Une recherche de coupable
Après cette élimination, on a cherché des coupables en Italie. Le premier a été le malheureux défenseur de l’Inter de Milan, Alessandro Bastoni, victime d’une faute grossière à la 41e minute de jeu et sanctionné logiquement d’un carton rouge. Depuis, le défenseur subit un lynchage sur les réseaux sociaux de la part des supporters italiens, ainsi que de la presse, étant le coupable le plus visible. Pour la presse, il s’agit d’une exacerbation d’une mauvaise passe, le point d’orgue de celle-ci, comme l’explique La Gazzetta dello Sport :
« Jusqu’à il y a 45 jours, il était une certitude presque anonyme, l’ami discret à qui faire confiance dans les moments difficiles. Un mois et demi plus tard, Alessandro Bastoni est perçu et considéré comme le pire footballeur italien du moment. Paria (…) Bastoni n’avait jamais subi la punition la plus sévère, c’est-à-dire le rouge direct. Jamais, dans son excellente carrière professionnelle. Le Karma (…)
La saison de Bastoni, son annus horribilis, le cauchemar de l’ancien joueur de l’Atalanta. Tout y est : capturé sur cette photo (celle de l’expulsion de Bastoni, ndlr), ce cliché qui, mieux que n’importe quelle analyse, décrit le Bastoni d’aujourd’hui : attaqué, expulsé, inconsolable, désorienté. Seul. Une place en Coupe du Monde comme joueur clé aurait été le remède idéal. Un de ces analgésiques qui font oublier toute la douleur.«
Pas le seul coupable
Mais Bastoni est loin, très loi, d’être le seul coupable. Et la non-qualification de la Nazionale a déjà des conséquences dans le très-haut de la Fédération italienne. Gabriele Gravina, son président depuis 2018 et la non-qualification pour la Coupe du Monde 2018, vient de poser sa démission, avec un bilan pour le moins mitigé. Sous sa direction, l’Italie a certes remporté l’Euro 2021, mais ne s’est pas qualifiée pour les Coupes du Monde 2022 et 2026, et est sorti de l’Euro 2024 dès les huitièmes. Il n’aur cette fois-ci pas survécu à cette nouvelle déroute pour le football italien.

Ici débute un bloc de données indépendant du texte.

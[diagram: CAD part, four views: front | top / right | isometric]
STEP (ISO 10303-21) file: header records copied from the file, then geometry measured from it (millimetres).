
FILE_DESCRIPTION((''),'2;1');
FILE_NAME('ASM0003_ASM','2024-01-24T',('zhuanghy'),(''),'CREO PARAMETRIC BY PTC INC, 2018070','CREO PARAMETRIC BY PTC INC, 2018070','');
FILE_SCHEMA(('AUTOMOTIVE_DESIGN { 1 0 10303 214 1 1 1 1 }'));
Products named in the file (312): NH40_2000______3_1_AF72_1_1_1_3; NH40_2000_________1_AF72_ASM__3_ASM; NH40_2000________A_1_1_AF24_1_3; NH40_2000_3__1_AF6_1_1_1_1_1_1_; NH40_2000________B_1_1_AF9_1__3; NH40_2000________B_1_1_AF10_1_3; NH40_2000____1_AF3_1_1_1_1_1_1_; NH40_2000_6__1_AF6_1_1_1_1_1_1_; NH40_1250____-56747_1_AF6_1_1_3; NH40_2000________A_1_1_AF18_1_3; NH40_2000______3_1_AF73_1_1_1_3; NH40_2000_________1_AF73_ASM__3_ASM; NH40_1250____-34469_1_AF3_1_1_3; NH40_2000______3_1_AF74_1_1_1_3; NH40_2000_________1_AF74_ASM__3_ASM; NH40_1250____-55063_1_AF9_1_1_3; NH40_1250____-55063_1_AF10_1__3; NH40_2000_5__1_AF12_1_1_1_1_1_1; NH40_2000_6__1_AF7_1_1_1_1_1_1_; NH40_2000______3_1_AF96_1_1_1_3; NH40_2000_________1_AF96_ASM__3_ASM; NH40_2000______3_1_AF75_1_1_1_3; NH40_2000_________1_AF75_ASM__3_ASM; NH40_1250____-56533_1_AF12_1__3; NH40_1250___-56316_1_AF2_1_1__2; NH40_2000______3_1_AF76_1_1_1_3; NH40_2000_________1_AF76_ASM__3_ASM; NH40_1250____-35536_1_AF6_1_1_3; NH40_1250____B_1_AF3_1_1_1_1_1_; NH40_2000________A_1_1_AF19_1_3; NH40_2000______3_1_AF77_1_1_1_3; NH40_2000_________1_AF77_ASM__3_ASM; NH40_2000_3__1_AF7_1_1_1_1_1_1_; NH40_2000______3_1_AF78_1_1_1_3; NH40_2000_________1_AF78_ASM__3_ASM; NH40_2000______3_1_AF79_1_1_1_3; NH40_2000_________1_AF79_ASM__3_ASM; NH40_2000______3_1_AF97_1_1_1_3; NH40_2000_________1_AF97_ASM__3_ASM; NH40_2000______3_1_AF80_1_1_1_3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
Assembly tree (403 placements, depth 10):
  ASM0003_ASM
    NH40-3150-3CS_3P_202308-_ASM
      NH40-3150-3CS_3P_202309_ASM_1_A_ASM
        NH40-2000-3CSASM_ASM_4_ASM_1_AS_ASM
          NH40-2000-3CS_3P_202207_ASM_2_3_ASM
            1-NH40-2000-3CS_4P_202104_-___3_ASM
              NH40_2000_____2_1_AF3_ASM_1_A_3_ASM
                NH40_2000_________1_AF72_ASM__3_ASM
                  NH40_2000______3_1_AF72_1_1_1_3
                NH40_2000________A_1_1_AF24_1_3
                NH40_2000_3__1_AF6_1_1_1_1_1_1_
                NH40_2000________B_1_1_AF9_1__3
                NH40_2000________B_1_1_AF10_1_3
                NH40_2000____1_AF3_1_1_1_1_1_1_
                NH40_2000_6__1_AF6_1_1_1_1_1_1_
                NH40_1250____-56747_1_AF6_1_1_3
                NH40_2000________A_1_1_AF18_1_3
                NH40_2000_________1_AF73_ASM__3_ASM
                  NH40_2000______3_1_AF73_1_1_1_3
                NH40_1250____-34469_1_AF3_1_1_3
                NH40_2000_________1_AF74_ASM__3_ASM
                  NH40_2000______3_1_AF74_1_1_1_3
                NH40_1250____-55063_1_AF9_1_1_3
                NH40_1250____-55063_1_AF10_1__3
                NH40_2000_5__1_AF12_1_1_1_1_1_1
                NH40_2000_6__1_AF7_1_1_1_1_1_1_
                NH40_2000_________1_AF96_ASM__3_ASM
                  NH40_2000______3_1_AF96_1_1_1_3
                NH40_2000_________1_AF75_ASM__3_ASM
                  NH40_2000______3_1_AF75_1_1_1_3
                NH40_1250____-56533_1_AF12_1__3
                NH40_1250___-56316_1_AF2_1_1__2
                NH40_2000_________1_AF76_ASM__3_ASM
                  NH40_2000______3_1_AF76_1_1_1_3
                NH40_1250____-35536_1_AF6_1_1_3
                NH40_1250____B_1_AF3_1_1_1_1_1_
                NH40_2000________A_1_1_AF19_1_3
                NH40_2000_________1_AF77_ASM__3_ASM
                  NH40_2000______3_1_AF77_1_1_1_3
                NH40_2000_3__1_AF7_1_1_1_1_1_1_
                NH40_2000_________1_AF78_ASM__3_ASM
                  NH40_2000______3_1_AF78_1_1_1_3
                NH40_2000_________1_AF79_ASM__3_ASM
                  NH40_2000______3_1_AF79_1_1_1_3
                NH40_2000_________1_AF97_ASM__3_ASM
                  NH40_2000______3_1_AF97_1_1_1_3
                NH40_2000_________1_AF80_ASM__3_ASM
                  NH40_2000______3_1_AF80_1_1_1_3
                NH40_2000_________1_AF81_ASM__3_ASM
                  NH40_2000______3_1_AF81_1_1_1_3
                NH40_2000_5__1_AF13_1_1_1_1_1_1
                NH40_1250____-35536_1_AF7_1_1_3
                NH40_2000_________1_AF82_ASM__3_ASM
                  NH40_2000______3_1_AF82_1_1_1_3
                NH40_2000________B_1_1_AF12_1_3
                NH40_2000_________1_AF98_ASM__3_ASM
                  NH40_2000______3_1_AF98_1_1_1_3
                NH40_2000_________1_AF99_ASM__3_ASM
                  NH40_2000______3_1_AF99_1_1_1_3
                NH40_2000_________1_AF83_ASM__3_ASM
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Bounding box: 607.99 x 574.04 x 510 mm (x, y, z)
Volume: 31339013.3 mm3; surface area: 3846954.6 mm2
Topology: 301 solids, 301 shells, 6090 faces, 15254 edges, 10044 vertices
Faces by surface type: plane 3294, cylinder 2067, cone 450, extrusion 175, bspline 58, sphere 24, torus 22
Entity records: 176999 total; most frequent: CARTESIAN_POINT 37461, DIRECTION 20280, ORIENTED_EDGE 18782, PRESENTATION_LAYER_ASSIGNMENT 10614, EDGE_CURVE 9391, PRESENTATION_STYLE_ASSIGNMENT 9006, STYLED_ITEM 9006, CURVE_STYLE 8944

Mais il n’est pas le seul à partir. Gianluigi Buffon, champion du monde 2006 avec la Nazionale et alors chef de la délégation italienne, a présenté sa démission juste après celle de Gravina. L’ancienne légende du football mondial avait été à l’initiative de l’arrivée de Gennaro Gattuso comme sélectionneur. Il s’est expliqué sur X à propos de sa démission, dans un tweet :
« L’objectif principal était de ramener l’Italie à la Coupe du monde, et nous n’y sommes pas parvenus. Il est juste de laisser à celui qui viendra après la liberté de choisir la figure qu’il jugera la meilleure pour occuper mon rôle. »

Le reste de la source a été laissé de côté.